**Task data**
=-=-=
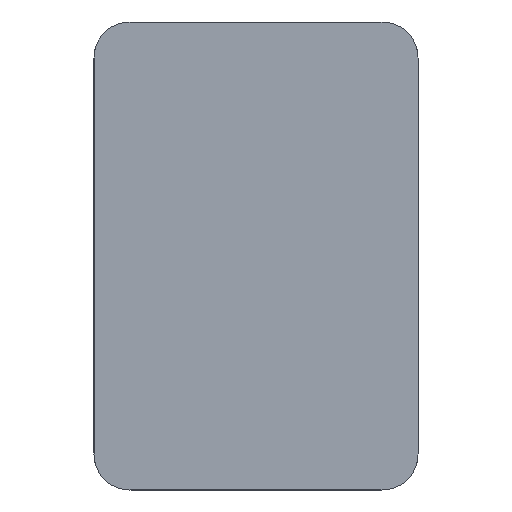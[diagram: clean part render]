
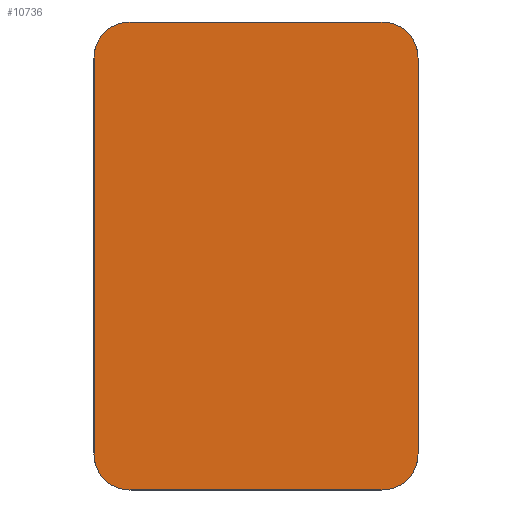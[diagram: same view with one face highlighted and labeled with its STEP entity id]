
A CAD part, left-side view. The second image highlights one B-rep face of the part: STEP entity #10736.
In plain terms, the highlighted planar face has unit normal (-1, 0, 0).
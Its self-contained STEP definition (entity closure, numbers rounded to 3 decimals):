
#1863=LINE('',#21342,#2671);
#1891=LINE('',#21912,#2699);
#1898=LINE('',#21929,#2706);
#1899=LINE('',#21930,#2707);
#2671=VECTOR('',#12438,10.);
#2699=VECTOR('',#12578,10.);
#2706=VECTOR('',#12597,10.);
#2707=VECTOR('',#12598,10.);
#3381=FACE_OUTER_BOUND('',#4024,.T.);
#4024=EDGE_LOOP('',(#9889,#9890,#9891,#9892,#9893,#9894,#9895,#9896));
#4115=CIRCLE('',#11103,5.);
#4121=CIRCLE('',#11112,5.);
#4122=CIRCLE('',#11114,5.);
#4123=CIRCLE('',#11116,5.);
#5117=VERTEX_POINT('',#21339);
#5118=VERTEX_POINT('',#21341);
#5164=VERTEX_POINT('',#21891);
#5172=VERTEX_POINT('',#21911);
#5173=VERTEX_POINT('',#21915);
#5174=VERTEX_POINT('',#21920);
#5175=VERTEX_POINT('',#21922);
#5176=VERTEX_POINT('',#21927);
#6670=EDGE_CURVE('',#5117,#5118,#1863,.T.);
#6739=EDGE_CURVE('',#5118,#5164,#4115,.T.);
#6749=EDGE_CURVE('',#5164,#5172,#1891,.T.);
#6751=EDGE_CURVE('',#5172,#5173,#4121,.T.);
#6755=EDGE_CURVE('',#5174,#5175,#4122,.T.);
#6758=EDGE_CURVE('',#5176,#5117,#4123,.T.);
#6759=EDGE_CURVE('',#5175,#5176,#1898,.T.);
#6760=EDGE_CURVE('',#5173,#5174,#1899,.T.);
#9889=ORIENTED_EDGE('',*,*,#6739,.F.);
#9890=ORIENTED_EDGE('',*,*,#6670,.F.);
#9891=ORIENTED_EDGE('',*,*,#6758,.F.);
#9892=ORIENTED_EDGE('',*,*,#6759,.F.);
#9893=ORIENTED_EDGE('',*,*,#6755,.F.);
#9894=ORIENTED_EDGE('',*,*,#6760,.F.);
#9895=ORIENTED_EDGE('',*,*,#6751,.F.);
#9896=ORIENTED_EDGE('',*,*,#6749,.F.);
#10156=PLANE('',#11115);
#10736=ADVANCED_FACE('',(#3381),#10156,.F.);
#11103=AXIS2_PLACEMENT_3D('',#21892,#12558,#12559);
#11112=AXIS2_PLACEMENT_3D('',#21916,#12582,#12583);
#11114=AXIS2_PLACEMENT_3D('',#21923,#12589,#12590);
#11115=AXIS2_PLACEMENT_3D('',#21926,#12593,#12594);
#11116=AXIS2_PLACEMENT_3D('',#21928,#12595,#12596);
#12438=DIRECTION('',(0.,0.,-1.));
#12558=DIRECTION('center_axis',(1.,0.,0.));
#12559=DIRECTION('ref_axis',(0.,-0.707,-0.707));
#12578=DIRECTION('',(0.,1.,0.));
#12582=DIRECTION('center_axis',(1.,0.,0.));
#12583=DIRECTION('ref_axis',(0.,0.707,-0.707));
#12589=DIRECTION('center_axis',(1.,0.,0.));
#12590=DIRECTION('ref_axis',(0.,0.707,0.707));
#12593=DIRECTION('center_axis',(1.,0.,0.));
#12594=DIRECTION('ref_axis',(0.,1.,0.));
#12595=DIRECTION('center_axis',(1.,0.,0.));
#12596=DIRECTION('ref_axis',(0.,-0.707,0.707));
#12597=DIRECTION('',(0.,-1.,0.));
#12598=DIRECTION('',(0.,0.,1.));
#21339=CARTESIAN_POINT('',(0.,0.,60.));
#21341=CARTESIAN_POINT('',(0.,0.,5.));
#21342=CARTESIAN_POINT('',(0.,0.,65.));
#21891=CARTESIAN_POINT('',(0.,5.,0.));
#21892=CARTESIAN_POINT('Origin',(0.,5.,5.));
#21911=CARTESIAN_POINT('',(0.,40.,0.));
#21912=CARTESIAN_POINT('',(0.,0.,0.));
#21915=CARTESIAN_POINT('',(0.,45.,5.));
#21916=CARTESIAN_POINT('Origin',(0.,40.,5.));
#21920=CARTESIAN_POINT('',(0.,45.,60.));
#21922=CARTESIAN_POINT('',(0.,40.,65.));
#21923=CARTESIAN_POINT('Origin',(0.,40.,60.));
#21926=CARTESIAN_POINT('Origin',(0.,22.5,32.5));
#21927=CARTESIAN_POINT('',(0.,5.,65.));
#21928=CARTESIAN_POINT('Origin',(0.,5.,60.));
#21929=CARTESIAN_POINT('',(0.,45.,65.));
#21930=CARTESIAN_POINT('',(0.,45.,0.));
=-=-=
**Directions for this task**
Using the records above, set down exactly the lines from the one with "In plain terms, the" through the one with "#6751=EDGE_CURVE('',#5172,#5173,#4121,.T.);", inclusive, and nothing more.

**Exercise result**
In plain terms, the highlighted planar face has unit normal (-1, 0, 0).
Its self-contained STEP definition (entity closure, numbers rounded to 3 decimals):
#1863=LINE('',#21342,#2671);
#1891=LINE('',#21912,#2699);
#1898=LINE('',#21929,#2706);
#1899=LINE('',#21930,#2707);
#2671=VECTOR('',#12438,10.);
#2699=VECTOR('',#12578,10.);
#2706=VECTOR('',#12597,10.);
#2707=VECTOR('',#12598,10.);
#3381=FACE_OUTER_BOUND('',#4024,.T.);
#4024=EDGE_LOOP('',(#9889,#9890,#9891,#9892,#9893,#9894,#9895,#9896));
#4115=CIRCLE('',#11103,5.);
#4121=CIRCLE('',#11112,5.);
#4122=CIRCLE('',#11114,5.);
#4123=CIRCLE('',#11116,5.);
#5117=VERTEX_POINT('',#21339);
#5118=VERTEX_POINT('',#21341);
#5164=VERTEX_POINT('',#21891);
#5172=VERTEX_POINT('',#21911);
#5173=VERTEX_POINT('',#21915);
#5174=VERTEX_POINT('',#21920);
#5175=VERTEX_POINT('',#21922);
#5176=VERTEX_POINT('',#21927);
#6670=EDGE_CURVE('',#5117,#5118,#1863,.T.);
#6739=EDGE_CURVE('',#5118,#5164,#4115,.T.);
#6749=EDGE_CURVE('',#5164,#5172,#1891,.T.);
#6751=EDGE_CURVE('',#5172,#5173,#4121,.T.);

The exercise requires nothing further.